Start of Data supplied

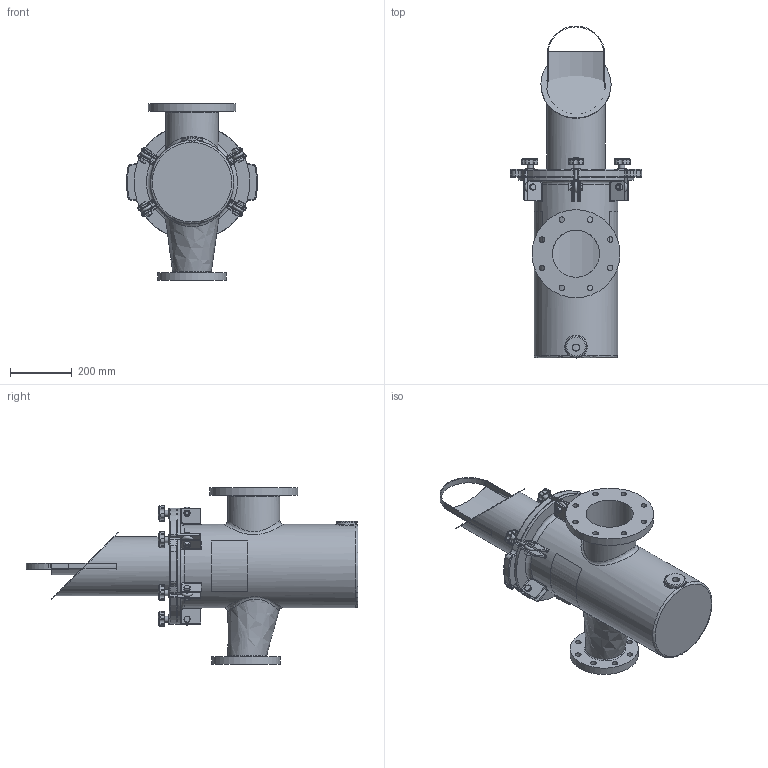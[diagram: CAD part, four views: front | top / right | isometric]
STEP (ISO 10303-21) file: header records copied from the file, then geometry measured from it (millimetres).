
FILE_DESCRIPTION(/* description */ ('150MM X 100MM FIBERGLASS STRAINER BODY'),/* implementation_level */ '2;1');
FILE_NAME(/* name */ 'C:\Users\r.kommineni.ext\Desktop\NB\CAD\Workspace\FG Reducing Strainer\Guardian FG Reducing H&L Strainer (Metric)_CLEARANCE VOLUME\STRAINER H&L 150MM X 100MM.stp',/* time_stamp */ '2017-06-09T13:34:09-04:00',/* author */ ('r.kommineni.ext'),/* organization */ (''),/* preprocessor_version */ 'ST-DEVELOPER v16.1',/* originating_system */ 'Autodesk Inventor 2016',/* authorisation */ '');
FILE_SCHEMA (('CONFIG_CONTROL_DESIGN'));
Length unit declared in the file: inch
Products named in the file (19): NBFGBODY06X04MM; 150NBCVR48R1; 150NBGSK48R1; Perforated Basket 10in; Bride (Ring) 10in; Baffle 10in; Handle 10in; Bottom Strainer 10in; Nut- 1_2  UNC; Bolt-1_2 x 1 1_2  UNC; EyeBolt; Washer; Knob M10; Securing Assembly For FG without Brace; Label for 10.625 inch (Right); Label for 10.625 inch (Left); NBBSK08T316_clearance; NBBSK08T316_clearance_1; STRAINER H&L 150MM X 100MM
Assembly tree (23 placements, depth 3):
  STRAINER H&L 150MM X 100MM
    NBFGBODY06X04MM
    150NBCVR48R1
    150NBGSK48R1
    NBBSK08T316_clearance_1
      Perforated Basket 10in
      Bride (Ring) 10in
      Baffle 10in
      Handle 10in
      Bottom Strainer 10in
      NBBSK08T316_clearance
    Securing Assembly For FG without Brace  x6
      Nut- 1_2  UNC
      Bolt-1_2 x 1 1_2  UNC
      EyeBolt
      Washer
      Knob M10
    Label for 10.625 inch (Right)
    Label for 10.625 inch (Left)
Bounding box: 424.18 x 1073.15 x 571.5 mm (x, y, z)
Volume: 11318093 mm3; surface area: 3145708.8 mm2
Topology: 40 solids, 45 shells, 1297 faces, 2993 edges, 1777 vertices
Faces by surface type: cylinder 476, plane 344, cone 138, torus 124, bspline 113, sphere 102
Full cylindrical faces by diameter (mm): 3.175 x10, 6.35 x2, 8.382 x6, 9.525 x12, 10.592 x6, 12.7 x6, 15.875 x12, 17.78 x16, 19 x12, 19.05 x6, 22.809 x1, 31.75 x6, 68.263 x1, 152.4 x1, 168.275 x1, 187.325 x2, 190.5 x2, 193.04 x1, 220.98 x1, 254 x2, 266.7 x1, 269.875 x1, 276.225 x1, 284.48 x1, 311.15 x1, 317.5 x1
Entity records: 27480 total; most frequent: CARTESIAN_POINT 10820, DIRECTION 3451, ORIENTED_EDGE 3100, EDGE_CURVE 1576, AXIS2_PLACEMENT_3D 1445, VERTEX_POINT 1003, EDGE_LOOP 885, CIRCLE 726

End of Data supplied

Task to carry out - Go through the entries above and count each line that contains the string "Handle". Reply only with the total.

Exercise output - 2